(About this task): Pull every line of the entries that has the word "last".

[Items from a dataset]

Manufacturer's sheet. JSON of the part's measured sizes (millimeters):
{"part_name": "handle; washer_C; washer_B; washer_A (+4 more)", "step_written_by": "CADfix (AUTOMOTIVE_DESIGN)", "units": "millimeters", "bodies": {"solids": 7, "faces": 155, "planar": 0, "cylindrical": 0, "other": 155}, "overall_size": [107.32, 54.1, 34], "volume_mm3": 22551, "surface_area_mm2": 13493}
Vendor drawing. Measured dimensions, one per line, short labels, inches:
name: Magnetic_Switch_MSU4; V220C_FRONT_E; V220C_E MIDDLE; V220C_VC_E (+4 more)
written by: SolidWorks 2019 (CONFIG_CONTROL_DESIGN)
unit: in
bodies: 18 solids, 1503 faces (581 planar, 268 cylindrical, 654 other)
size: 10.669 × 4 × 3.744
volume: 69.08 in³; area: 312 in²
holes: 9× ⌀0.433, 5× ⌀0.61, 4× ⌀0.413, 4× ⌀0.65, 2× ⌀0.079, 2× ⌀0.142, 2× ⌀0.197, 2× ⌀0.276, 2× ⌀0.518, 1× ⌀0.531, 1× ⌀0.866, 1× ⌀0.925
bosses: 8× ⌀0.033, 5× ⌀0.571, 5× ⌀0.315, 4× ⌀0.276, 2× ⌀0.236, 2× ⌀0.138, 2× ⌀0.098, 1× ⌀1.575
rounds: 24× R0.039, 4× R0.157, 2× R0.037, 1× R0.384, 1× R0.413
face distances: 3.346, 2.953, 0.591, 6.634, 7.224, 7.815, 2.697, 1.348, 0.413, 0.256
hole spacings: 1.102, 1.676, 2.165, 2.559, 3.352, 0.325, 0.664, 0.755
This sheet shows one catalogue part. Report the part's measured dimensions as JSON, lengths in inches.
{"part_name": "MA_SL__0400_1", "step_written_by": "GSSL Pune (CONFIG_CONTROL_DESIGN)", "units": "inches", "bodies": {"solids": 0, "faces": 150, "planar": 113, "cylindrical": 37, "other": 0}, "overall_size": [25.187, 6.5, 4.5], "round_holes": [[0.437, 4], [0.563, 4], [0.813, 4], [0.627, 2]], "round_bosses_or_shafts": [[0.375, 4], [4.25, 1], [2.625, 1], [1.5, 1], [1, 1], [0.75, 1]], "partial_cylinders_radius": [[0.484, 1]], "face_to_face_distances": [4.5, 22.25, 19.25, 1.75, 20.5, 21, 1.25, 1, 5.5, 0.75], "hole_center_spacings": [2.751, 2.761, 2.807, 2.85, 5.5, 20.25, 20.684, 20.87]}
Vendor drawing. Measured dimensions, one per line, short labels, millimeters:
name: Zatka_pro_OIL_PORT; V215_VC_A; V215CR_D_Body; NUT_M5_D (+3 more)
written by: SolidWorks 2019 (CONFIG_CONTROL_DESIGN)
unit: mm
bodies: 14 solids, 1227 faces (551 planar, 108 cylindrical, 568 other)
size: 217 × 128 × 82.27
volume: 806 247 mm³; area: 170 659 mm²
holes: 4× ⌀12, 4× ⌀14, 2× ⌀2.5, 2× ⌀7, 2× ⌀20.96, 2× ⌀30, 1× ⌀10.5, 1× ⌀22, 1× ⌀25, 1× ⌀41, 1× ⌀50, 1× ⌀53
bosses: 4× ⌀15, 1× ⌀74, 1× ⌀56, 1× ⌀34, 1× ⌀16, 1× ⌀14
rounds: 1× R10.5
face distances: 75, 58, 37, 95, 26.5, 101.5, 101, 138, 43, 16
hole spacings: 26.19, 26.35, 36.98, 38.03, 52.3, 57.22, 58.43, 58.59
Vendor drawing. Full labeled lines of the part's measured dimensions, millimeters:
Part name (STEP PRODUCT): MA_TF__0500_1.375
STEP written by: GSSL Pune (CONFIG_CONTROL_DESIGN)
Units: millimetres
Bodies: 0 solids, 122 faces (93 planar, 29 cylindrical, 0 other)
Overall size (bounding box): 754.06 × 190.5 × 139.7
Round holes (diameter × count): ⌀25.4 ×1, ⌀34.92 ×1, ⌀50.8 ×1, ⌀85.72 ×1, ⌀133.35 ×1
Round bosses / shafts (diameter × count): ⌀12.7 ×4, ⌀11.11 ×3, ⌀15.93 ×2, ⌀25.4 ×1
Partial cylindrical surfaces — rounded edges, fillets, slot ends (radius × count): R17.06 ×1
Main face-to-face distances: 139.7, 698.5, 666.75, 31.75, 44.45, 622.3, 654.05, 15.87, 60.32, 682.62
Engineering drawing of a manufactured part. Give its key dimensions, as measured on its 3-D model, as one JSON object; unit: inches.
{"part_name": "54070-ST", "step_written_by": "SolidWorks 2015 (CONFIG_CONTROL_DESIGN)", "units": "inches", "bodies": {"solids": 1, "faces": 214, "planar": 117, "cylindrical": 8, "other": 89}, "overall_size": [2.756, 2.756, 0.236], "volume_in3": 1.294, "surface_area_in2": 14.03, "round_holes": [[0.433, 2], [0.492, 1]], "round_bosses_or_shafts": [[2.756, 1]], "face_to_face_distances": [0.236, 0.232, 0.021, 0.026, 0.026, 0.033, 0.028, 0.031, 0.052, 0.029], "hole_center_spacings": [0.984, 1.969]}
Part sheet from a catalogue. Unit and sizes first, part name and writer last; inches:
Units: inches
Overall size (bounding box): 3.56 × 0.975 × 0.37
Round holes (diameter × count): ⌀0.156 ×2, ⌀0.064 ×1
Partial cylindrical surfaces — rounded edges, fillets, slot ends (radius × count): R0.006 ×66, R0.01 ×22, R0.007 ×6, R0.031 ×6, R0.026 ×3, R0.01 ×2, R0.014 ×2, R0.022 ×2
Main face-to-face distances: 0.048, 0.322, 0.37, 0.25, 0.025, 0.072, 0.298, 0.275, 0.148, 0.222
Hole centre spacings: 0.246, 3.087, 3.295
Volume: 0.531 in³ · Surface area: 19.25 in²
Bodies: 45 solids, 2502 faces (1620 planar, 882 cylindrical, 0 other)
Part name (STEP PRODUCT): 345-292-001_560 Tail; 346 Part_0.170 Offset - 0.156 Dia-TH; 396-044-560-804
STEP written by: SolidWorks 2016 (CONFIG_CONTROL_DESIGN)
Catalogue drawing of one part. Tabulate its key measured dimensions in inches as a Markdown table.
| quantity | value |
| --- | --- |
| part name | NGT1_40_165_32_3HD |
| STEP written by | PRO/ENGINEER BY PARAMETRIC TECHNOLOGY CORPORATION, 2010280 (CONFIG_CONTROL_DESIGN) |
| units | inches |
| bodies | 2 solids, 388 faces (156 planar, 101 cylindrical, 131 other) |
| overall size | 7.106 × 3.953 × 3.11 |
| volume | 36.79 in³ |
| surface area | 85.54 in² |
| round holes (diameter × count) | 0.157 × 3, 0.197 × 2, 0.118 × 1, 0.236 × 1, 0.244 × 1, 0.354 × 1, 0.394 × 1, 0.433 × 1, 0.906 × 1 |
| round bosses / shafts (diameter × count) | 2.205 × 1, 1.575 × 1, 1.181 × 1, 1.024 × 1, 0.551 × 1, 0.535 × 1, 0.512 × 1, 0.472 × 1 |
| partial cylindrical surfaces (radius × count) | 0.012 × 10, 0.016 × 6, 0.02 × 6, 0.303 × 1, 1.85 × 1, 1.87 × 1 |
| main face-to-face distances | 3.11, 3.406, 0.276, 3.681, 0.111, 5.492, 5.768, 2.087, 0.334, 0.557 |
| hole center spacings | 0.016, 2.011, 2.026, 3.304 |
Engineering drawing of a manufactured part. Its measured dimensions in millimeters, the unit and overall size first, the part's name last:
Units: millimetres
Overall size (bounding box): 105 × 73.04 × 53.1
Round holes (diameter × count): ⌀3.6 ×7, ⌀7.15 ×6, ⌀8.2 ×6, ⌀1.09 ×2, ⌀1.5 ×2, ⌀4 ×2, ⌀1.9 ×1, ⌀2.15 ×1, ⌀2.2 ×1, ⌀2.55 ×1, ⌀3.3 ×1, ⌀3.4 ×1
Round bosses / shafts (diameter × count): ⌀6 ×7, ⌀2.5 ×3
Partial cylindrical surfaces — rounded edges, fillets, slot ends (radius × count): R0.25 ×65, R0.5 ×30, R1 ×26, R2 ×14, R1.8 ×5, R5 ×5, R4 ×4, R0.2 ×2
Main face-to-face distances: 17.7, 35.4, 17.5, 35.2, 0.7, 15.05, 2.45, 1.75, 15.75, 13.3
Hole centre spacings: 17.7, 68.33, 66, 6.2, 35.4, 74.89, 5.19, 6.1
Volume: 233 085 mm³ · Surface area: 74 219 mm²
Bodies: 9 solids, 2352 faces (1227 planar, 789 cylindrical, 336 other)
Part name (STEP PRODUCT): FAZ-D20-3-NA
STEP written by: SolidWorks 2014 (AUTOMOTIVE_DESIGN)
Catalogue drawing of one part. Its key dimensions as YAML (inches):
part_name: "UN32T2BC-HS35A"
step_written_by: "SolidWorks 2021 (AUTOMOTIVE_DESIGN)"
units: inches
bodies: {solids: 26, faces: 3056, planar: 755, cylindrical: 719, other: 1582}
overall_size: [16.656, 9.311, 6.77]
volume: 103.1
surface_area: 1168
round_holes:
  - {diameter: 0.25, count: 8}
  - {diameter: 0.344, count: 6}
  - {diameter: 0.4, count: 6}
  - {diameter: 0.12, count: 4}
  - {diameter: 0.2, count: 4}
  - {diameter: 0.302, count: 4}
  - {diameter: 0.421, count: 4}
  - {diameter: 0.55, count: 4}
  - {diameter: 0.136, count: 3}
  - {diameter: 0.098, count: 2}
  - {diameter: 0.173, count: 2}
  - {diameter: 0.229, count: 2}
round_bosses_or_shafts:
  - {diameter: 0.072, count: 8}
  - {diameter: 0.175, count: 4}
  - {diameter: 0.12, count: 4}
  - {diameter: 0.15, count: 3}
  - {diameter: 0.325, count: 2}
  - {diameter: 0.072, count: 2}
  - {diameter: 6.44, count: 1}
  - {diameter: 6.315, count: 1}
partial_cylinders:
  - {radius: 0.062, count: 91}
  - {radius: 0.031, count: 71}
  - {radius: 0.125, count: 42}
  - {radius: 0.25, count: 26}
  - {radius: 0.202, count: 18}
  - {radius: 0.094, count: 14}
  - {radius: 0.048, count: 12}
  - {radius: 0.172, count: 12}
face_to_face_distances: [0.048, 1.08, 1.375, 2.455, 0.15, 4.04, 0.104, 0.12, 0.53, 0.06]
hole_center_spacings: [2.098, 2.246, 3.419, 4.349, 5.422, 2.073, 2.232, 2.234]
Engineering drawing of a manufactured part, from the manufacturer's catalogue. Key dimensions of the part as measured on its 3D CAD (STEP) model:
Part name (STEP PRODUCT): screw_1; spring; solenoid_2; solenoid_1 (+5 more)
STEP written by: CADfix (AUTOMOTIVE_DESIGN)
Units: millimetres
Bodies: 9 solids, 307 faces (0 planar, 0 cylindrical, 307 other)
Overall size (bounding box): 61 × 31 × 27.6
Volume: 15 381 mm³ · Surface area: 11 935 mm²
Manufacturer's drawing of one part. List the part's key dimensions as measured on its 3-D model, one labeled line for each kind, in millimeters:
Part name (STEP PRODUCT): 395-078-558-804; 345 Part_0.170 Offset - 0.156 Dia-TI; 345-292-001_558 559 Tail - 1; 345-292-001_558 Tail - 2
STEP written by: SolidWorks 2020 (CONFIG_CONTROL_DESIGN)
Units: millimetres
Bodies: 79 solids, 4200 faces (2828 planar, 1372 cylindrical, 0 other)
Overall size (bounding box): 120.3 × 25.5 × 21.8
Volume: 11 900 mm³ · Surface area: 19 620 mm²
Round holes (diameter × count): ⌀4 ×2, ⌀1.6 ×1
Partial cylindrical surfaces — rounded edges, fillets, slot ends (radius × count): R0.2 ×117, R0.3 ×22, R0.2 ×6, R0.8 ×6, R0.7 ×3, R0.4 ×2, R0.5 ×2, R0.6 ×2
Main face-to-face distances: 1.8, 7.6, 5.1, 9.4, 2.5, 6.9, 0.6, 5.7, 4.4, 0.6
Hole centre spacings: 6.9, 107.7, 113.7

(Your solution):
Part sheet from a catalogue. Unit and sizes first, part name and writer last; inches:
Engineering drawing of a manufactured part. Its measured dimensions in millimeters, the unit and overall size first, the part's name last:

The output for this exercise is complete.